-
O fato é que você precisa parecer mais amável com as pessoas, sorrir mais,
fazer brincadeiras, contar piadas, conectar-se melhor com os seus
subordinados...
-
E eu não faço isso?!
-Você
é o homem mais gentil e engraçado que eu conheço, mas a pose de mau que mantém
para os outros os torna assustados, com medo do seu olhar frio, a cara fechada,
as poucas palavras.
-
E isso os assusta?!
-
Claro, você tem a compleição física de um lutador de MMA e um rosto se um super-herói
dos quadrinhos. Esse seu tom baixo de voz, gutural, tétrico, soa como
desconfiança, até como ameaça. Por que não tenta ser mais comunicativo,
capitão? Isso irá ajudar bastante.
-
Vou tentar, doutora.
-
Lembre-se, faça brincadeiras, pregue peças, deixe-os relaxar um pouco.
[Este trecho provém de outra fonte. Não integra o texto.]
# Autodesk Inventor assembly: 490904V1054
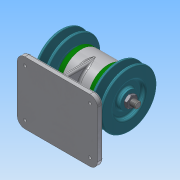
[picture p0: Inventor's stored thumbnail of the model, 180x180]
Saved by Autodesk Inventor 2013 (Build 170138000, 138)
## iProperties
Created: 2019-09
Part Number: 490904V1054
Document SubType Name: Assembly
Designer: Administrator
Author: Administrator
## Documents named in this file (10)
- C:\Users\Administrator\Desktop\490904V1054\답안조립품.iam
- C:\Users\Administrator\Desktop\490904V1054\본체.ipt
- C:\Users\Administrator\Desktop\490904V1054\V-벨트풀리.ipt
- C:\Users\Administrator\Desktop\490904V1054\너트 M10x1.ipt
- C:\Users\Administrator\Desktop\490904V1054\베어링 6004.ipt
- C:\Users\Administrator\Desktop\490904V1054\볼트 M4.ipt
- C:\Users\Administrator\Desktop\490904V1054\오일 실 17 30 5.ipt
- C:\Users\Administrator\Desktop\490904V1054\축.ipt
- C:\Users\Administrator\Desktop\490904V1054\커버.ipt
- C:\Users\Administrator\Desktop\490904V1054\키 5 x 5 x 12.ipt
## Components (2 placed, 1 different names)
1. V-벨트풀리:1
2. V-벨트풀리:2
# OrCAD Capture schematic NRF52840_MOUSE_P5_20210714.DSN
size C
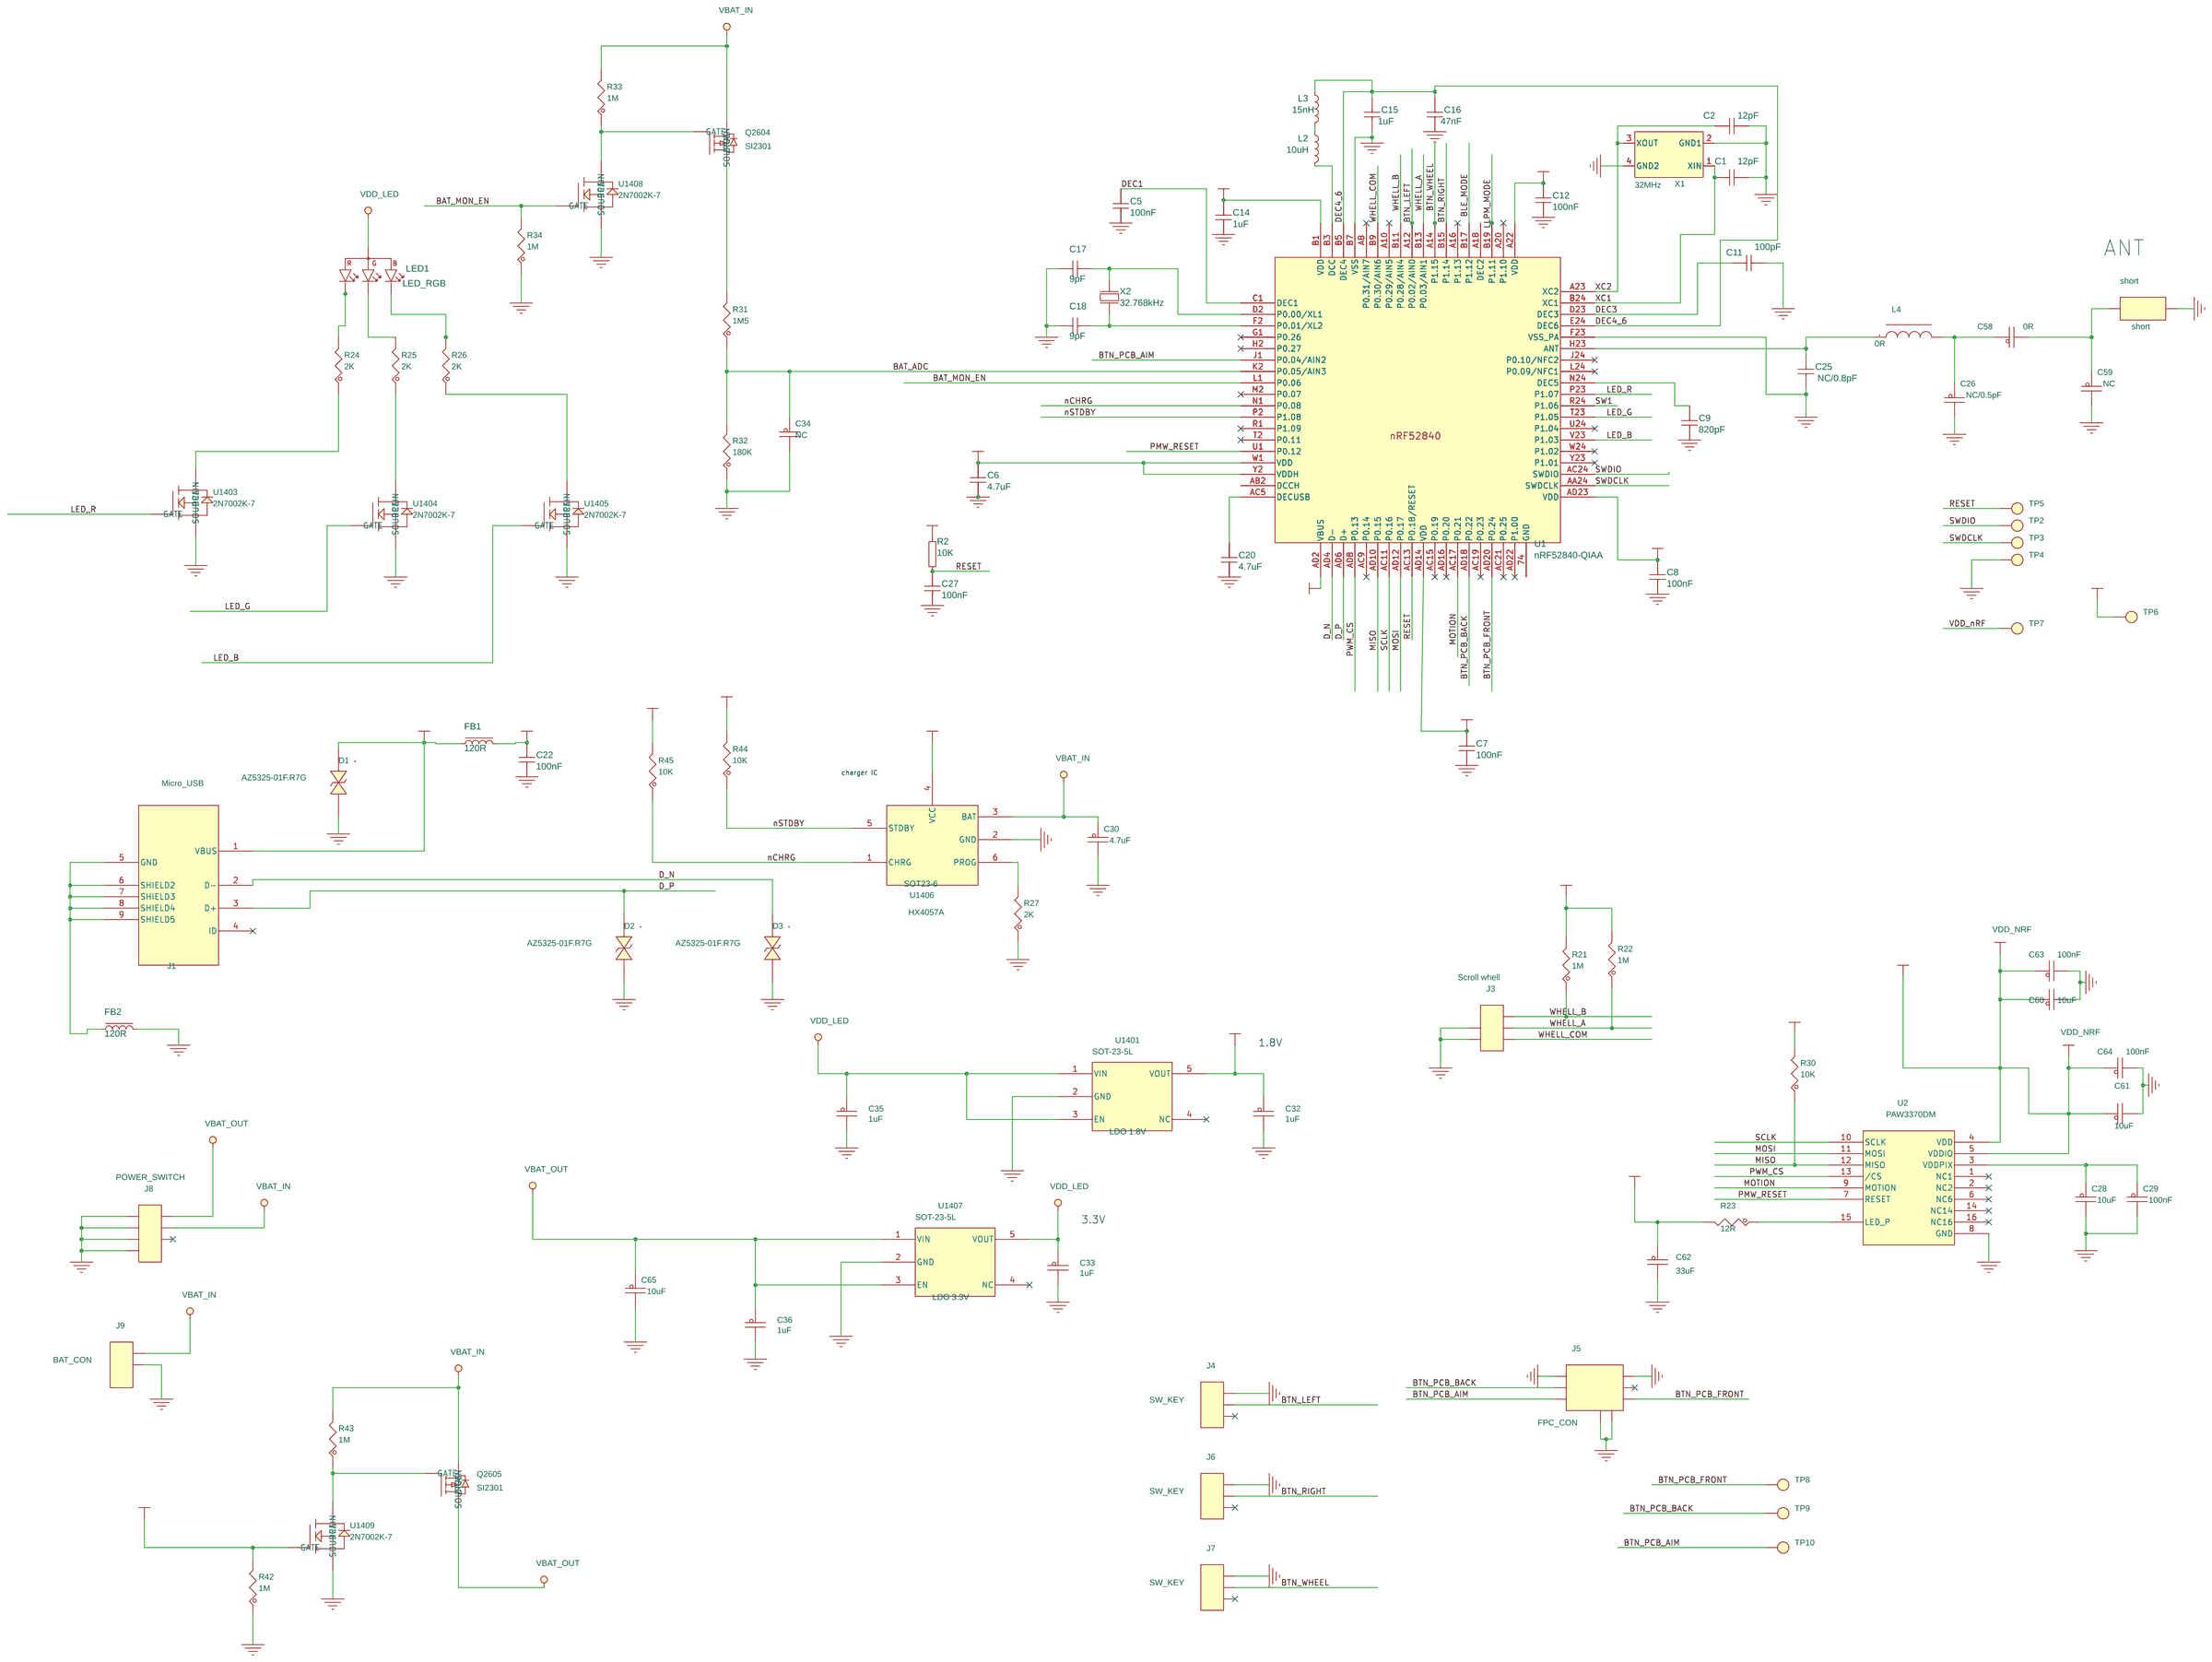
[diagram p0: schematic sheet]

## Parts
C1  12pF  [C0402]
C2  12pF  [C0402]
C5  100nF  [C0402]
C6  4.7uF  [C0402]
C7  100nF  [C0402]
C8  100nF  [C0402]
C9  820pF  [C0402]
C11  100pF  [C0402]
C12  100nF  [C0402]
C14  1uF  [C0402]
C15  1uF  [C0402]
C16  47nF  [C0402]
C17  9pF  [C0402]
C18  9pF  [C0402]
C20  4.7uF  [C0402]
C22  100nF  [C0402]
C25  NC/0.8pF  [C0402]
C26  NC/0.5pF  [C0402]
C27  100nF  [C0402]
C28  10uF  [C0402]
C29  100nF  [C0402]
C30  4.7uF  [C0402]
C32  1uF  [C0402]
C33  1uF  [C0402]
C34  NC  [C0402]
C35  1uF  [C0402]
C36  1uF  [C0402]
C58  0R  [C0402]
C59  NC  [C0402]
C60  10uF  [C1206]
C61  10uF  [C1206]
C62  33uF  [C1206]
C63  100nF  [C0402]
C64  100nF  [C0402]
C65  10uF  [C1206]
D1  AZ5325-01F.R7G  [DFN1006P2E]
D2  AZ5325-01F.R7G  [DFN1006P2E]
D3  AZ5325-01F.R7G  [DFN1006P2E]
FB1  120R  [L0402]
FB2  120R  [L0402]
J1  Micro_USB  [PCBCOMPONENT_1_-_DUPLICATE]
J3  Scroll whell  [ENCODE-DIP-5PIN_-_DUPLICATE]
J4  SW_KEY  [KEYE]
J5  FPC_CON  [FPC_6PINLGUH]
J6  SW_KEY  [KEYE]
J7  SW_KEY  [KEYD1]
J8  POWER_SWITCH  [KEY-20210303]
J9  BAT_CON  [CON5-0303]
L2  10uH  [L0603]
L3  15nH  [L0402]
L4  0R  [L0402]
LED1  LED_RGB  [LED-SMD-1615-RGB_2]
Q2604  SI2301  [SOT_23]
Q2605  SI2301  [SOT_23]
R2  10K  [R0402]
R21  1M  [R0402]
R22  1M  [R0402]
R23  12R  [R0402]
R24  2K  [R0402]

Sem esse
medo aterrorizante do chefe eles renderão mais, comandante.
-
Está bem, doutora, pode deixar.
A
psicóloga se despediu e afastou-se do capitão da unidade de crimes violentos,
observada por todos os outros agentes por causa da beleza incomum e confiança
que emanava dela.
-
Quem é aquela gata maravilhosa, capitão? Que coisa mais linda! – era um agente
novato metido a engraçadinho, falastrão, mas sem maldade.
-
É a minha mulher. – Foi a resposta seca, voz rascante. Nenhum sorriso.
-
Oh! Sinto muito, capitão, não quis ofender, eu não sabia. Pode me perdoar?
-
Sim. Mesmo assim você vai morrer.
-
O quê?!
-
Diga a ele que se despeça dos parentes o mais rápido possível – dirigiu-se ao
detetive ao lado do novato – Amanhã ele vai passar dessa para melhor.
Afastou-se
com um sorriso frio no rosto, deixando o novato branco e em desespero.
-
O que eu faço, detetive, ele vai me matar?
-
Eu nunca o vi dizer uma coisa e não cumprir. Se eu fosse você fugia daqui
enquanto é tempo. Tem muitos parentes de quem se despedir?
O
homem saiu completamente fora de si, tomado pelo medo de morrer por uma
brincadeira fora de hora. Ele e a sua grande língua!
Não
teve coragem de ir para casa despedir-se da esposa e dos filhos, então foi ao
bar encher a cara e pensar em uma forma de escapar. Duas horas depois, duas
garrafas de pinga vazias depois, ficou corajoso. Decidiu ir com tudo para se
defender; matar antes de morrer.
Dirigiu-se
ao depósito de armas e pegou quatro revólveres carregados, uma espingarda doze
cano cerrado, munição, uma faca karambit de luta corpo a corpo, algumas
granadas... Estava pronto para defender a própria vida contra o comandante que
o havia ameaçado. Alcoolizado e corajoso, planejou espera-lo em uma tocaia no
estacionamento. Assim que o visse jogaria duas granadas e descarregaria as
armas. Depois, para ter certeza cortaria o corpo em pedaços e dissolveria no
ácido. O que sobrasse depositaria em uma urna de ferro e jogaria no fundo do
mar.
A
madrugada fora longa bebendo e ruminando a estratégia contra o comandante
rígido que o mataria por ter elogiado a esposa sem saber. Era matar ou morrer!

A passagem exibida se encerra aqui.